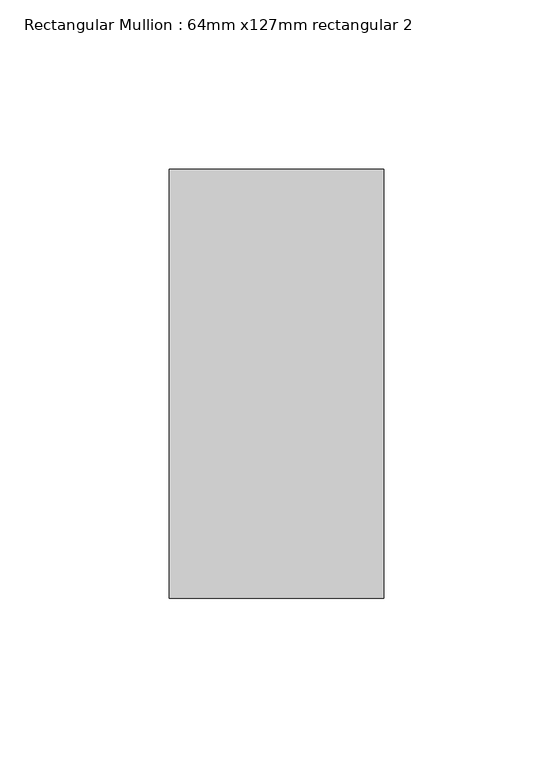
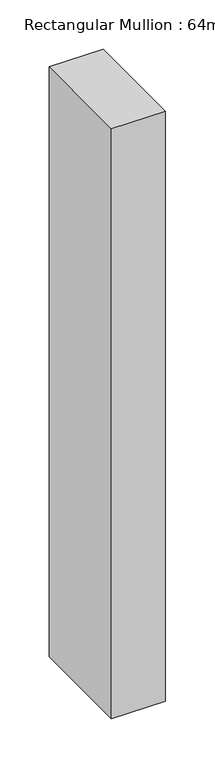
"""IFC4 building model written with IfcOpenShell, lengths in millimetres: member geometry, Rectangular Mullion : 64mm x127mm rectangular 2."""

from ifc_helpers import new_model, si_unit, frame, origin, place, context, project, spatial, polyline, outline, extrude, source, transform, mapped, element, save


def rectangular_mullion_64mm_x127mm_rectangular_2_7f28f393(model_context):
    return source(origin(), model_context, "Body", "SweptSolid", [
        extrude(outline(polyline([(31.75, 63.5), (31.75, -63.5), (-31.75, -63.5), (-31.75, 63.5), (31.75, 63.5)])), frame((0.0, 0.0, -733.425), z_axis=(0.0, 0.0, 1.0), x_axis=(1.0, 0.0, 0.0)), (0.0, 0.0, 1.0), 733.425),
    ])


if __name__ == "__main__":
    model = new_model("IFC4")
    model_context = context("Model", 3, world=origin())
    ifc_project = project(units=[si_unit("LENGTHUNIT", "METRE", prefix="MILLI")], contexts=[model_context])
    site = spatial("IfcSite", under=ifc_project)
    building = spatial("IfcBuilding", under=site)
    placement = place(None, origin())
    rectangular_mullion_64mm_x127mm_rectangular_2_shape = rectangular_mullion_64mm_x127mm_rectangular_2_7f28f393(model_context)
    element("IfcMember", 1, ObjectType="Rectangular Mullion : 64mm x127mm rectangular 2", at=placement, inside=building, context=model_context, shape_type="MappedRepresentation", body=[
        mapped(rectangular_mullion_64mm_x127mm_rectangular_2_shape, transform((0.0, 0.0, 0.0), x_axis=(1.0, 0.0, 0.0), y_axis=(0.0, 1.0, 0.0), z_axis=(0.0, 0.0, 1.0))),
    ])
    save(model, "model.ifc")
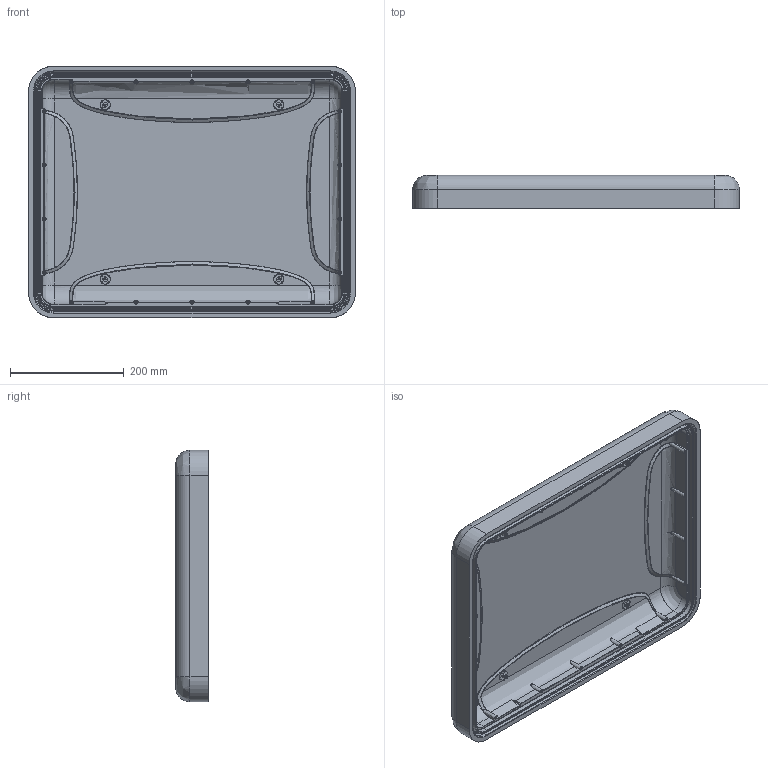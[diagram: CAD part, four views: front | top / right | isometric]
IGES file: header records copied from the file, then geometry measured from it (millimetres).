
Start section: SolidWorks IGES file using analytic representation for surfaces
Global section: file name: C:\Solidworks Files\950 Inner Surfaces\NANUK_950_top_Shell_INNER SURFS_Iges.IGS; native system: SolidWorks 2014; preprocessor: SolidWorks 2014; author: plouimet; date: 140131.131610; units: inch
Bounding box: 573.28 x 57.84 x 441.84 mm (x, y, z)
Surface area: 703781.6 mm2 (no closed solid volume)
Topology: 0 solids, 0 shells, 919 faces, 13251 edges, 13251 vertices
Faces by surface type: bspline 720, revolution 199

The task - Would you restate all of the data above word for word, omitting the pictures?

Solution to this exercise -
"""IFC4 building model written with IfcOpenShell, lengths in millimetres: member geometry, Rectangular Mullion : 64mm x127mm rectangular 2."""

from ifc_helpers import new_model, si_unit, frame, origin, place, context, project, spatial, polyline, outline, extrude, source, transform, mapped, element, save


def rectangular_mullion_64mm_x127mm_rectangular_2_7f28f393(model_context):
    return source(origin(), model_context, "Body", "SweptSolid", [
        extrude(outline(polyline([(31.75, 63.5), (31.75, -63.5), (-31.75, -63.5), (-31.75, 63.5), (31.75, 63.5)])), frame((0.0, 0.0, -733.425), z_axis=(0.0, 0.0, 1.0), x_axis=(1.0, 0.0, 0.0)), (0.0, 0.0, 1.0), 733.425),
    ])


if __name__ == "__main__":
    model = new_model("IFC4")
    model_context = context("Model", 3, world=origin())
    ifc_project = project(units=[si_unit("LENGTHUNIT", "METRE", prefix="MILLI")], contexts=[model_context])
    site = spatial("IfcSite", under=ifc_project)
    building = spatial("IfcBuilding", under=site)
    placement = place(None, origin())
    rectangular_mullion_64mm_x127mm_rectangular_2_shape = rectangular_mullion_64mm_x127mm_rectangular_2_7f28f393(model_context)
    element("IfcMember", 1, ObjectType="Rectangular Mullion : 64mm x127mm rectangular 2", at=placement, inside=building, context=model_context, shape_type="MappedRepresentation", body=[
        mapped(rectangular_mullion_64mm_x127mm_rectangular_2_shape, transform((0.0, 0.0, 0.0), x_axis=(1.0, 0.0, 0.0), y_axis=(0.0, 1.0, 0.0), z_axis=(0.0, 0.0, 1.0))),
    ])
    save(model, "model.ifc")
[diagram: CAD part, four views: front | top / right | isometric]
IGES file: header records copied from the file, then geometry measured from it (millimetres).
Start section: SolidWorks IGES file using analytic representation for surfaces
Global section: file name: C:\Solidworks Files\950 Inner Surfaces\NANUK_950_top_Shell_INNER SURFS_Iges.IGS; native system: SolidWorks 2014; preprocessor: SolidWorks 2014; author: plouimet; date: 140131.131610; units: inch
Bounding box: 573.28 x 57.84 x 441.84 mm (x, y, z)
Surface area: 703781.6 mm2 (no closed solid volume)
Topology: 0 solids, 0 shells, 919 faces, 13251 edges, 13251 vertices
Faces by surface type: bspline 720, revolution 199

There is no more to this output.